Let's also try neural_net_learner on the iris dataset:


In [4]:
nn = neural_net_learner(iris, epochs=100, learning_rate=0.15, optimizer=gradient_descent, verbose=10)


epoch:10, total_loss:15.931817841643683
epoch:20, total_loss:8.248422285412149
epoch:30, total_loss:6.102968668275
epoch:40, total_loss:5.463915043272969
epoch:50, total_loss:5.298986288420822
epoch:60, total_loss:4.032928400456889
epoch:70, total_loss:3.2628899927346855
epoch:80, total_loss:6.01336701367312
epoch:90, total_loss:5.412020420311795
epoch:100, total_loss:3.1044027319850773

Similarly we check the model's accuracy on both training and test dataset:


In [6]:
print("error ration on training set:",err_ratio(nn, iris))


error ration on training set: 0.033333333333333326

In [8]:
tests = [([5.0, 3.1, 0.9, 0.1], 0),
        ([5.1, 3.5, 1.0, 0.0], 0),
        ([4.9, 3.3, 1.1, 0.1], 0),
        ([6.0, 3.0, 4.0, 1.1], 1),
        ([6.1, 2.2, 3.5, 1.0], 1),
        ([5.9, 2.5, 3.3, 1.1], 1),
        ([7.5, 4.1, 6.2, 2.3], 2),
        ([7.3, 4.0, 6.1, 2.4], 2),
        ([7.0, 3.3, 6.1, 2.5], 2)]
print("accuracy on test set:",grade_learner(nn, tests))


accuracy on test set: 1

We can see that the error ratio on the training set is smaller than the perceptron learner. As the error ratio is relatively small, let's try the model on the MNIST dataset to see whether there will be a larger difference.


In [15]:
nn = neural_net_learner(mnist, epochs=100, verbose=10)
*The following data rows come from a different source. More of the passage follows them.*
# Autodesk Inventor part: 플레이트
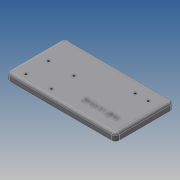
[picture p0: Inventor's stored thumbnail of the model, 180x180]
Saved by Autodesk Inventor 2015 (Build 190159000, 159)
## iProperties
Created: 2018-01
Part Number: 플레이트
Material: 알루미늄 6061
Document SubType Name: Modeling
Designer: mduedu
Density: 2.71 g/cm^3
Appearance: 기본값
Mass: 319.562 g
Surface Area: 287.617 cm^2
Volume: 117.92 cm^3
Author: mduedu
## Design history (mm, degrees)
sketch "스케치1"
  geometry: L1 (75, 40)-(-75, 40); L2 (-75, 40)-(-75, -40); L3 (-75, -40)-(75, -40); L4 (75, -40)-(75, 40); L5 (75, 40)-(-75, -40); L6 (-75, 40)-(75, -40); 1 further point
  constraints: 12 end point, 2 midpoint, 2 parallel, 1 horizontal, 1 perpendicular
  dimensions: "d0" = 150 distance of L3.end L2.end; "d1" = 80 distance of L2.end L1.end
extrude "돌출1" new body sketch "스케치1" distance "d2" = 10; taper "d3" = 0 deg
fillet "모깎기1" dims "d4" = 5
fillet "모깎기2" dims "d5" = 3
sketch "스케치2"
  geometry: L1 (-70, 40)-(70, 40) reference; L2 (-75, -35)-(-75, 35) reference; 5 further points
  constraints: 2 horizontal alignment, 2 vertical alignment
  dimensions: "d6" = 10 distance from line of point (-58, 30) L1; "d7" = 35 distance of point (-23, 30) point (-58, 30); "d8" = 31 distance of point (-58, -1) point (-58, 30); "d9" = 17 distance from line of point (-58, 30) L2
sketch "스케치3"
  geometry: 4 further points
  constraints: 4 other
hole "구멍1" sketch "스케치3" at (-23, 30), (-58, -1), (-23, -1), (-58, 30) diameter "d10" = 3.4; stored, may be unused: countersink angle "d14" = 90 deg, drill point angle "d16" = 0 deg; dims "d11" = 6, "d12" = 6.5, "d13" = 3.4, "d15" = 8
sketch "스케치4"
  geometry: L1 (75, 35)-(75, -35) reference; L2 (70, -40)-(-70, -40) reference; 3 further points
  constraints: 1 horizontal alignment
  dimensions: "d17" = 17 distance from line of point (58, -22) L1; "d18" = 18 distance of point (40, -22) point (58, -22); "d19" = 18 distance from line of point (58, -22) L2
sketch "스케치5"
  geometry: 2 further points
  constraints: 2 other
hole "구멍2" sketch "스케치5" at (40, -22), (58, -22) diameter "d20" = 3.4; stored, may be unused: countersink angle "d24" = 90 deg, drill point angle "d26" = 0 deg; dims "d21" = 6, "d22" = 6.5, "d23" = 3.4, "d25" = 8
sketch "스케치6"
  geometry: L1 (75, -35)-(75, 35) reference; L2 (-70, -40)-(70, -40) reference; 2 further points
  constraints: 1 other
  dimensions: "d27" = 40 distance from line of point (35, -20) L1; "d28" = 20 distance from line of point (35, -20) L2
feature "엠보싱1" sketch "스케치6" dims "d0" = 150, "d29" = 0.5, "d30" = 0
node "솔리드1"

epoch:10, total_loss:89.0002153455983
epoch:20, total_loss:87.29675663038348
epoch:30, total_loss:86.29591779319225
epoch:40, total_loss:83.78091780128402
epoch:50, total_loss:82.17091581738829
epoch:60, total_loss:83.8434277386084
epoch:70, total_loss:83.55209905561495
epoch:80, total_loss:83.106898191118
epoch:90, total_loss:83.37041170165992
epoch:100, total_loss:82.57013813500876

In [16]:
print(err_ratio(nn, mnist))


0.784

After the model converging, the model's error ratio on the training set is still high. We will introduce the convolutional network in the following chapters to see how it helps improve accuracy on learning this dataset.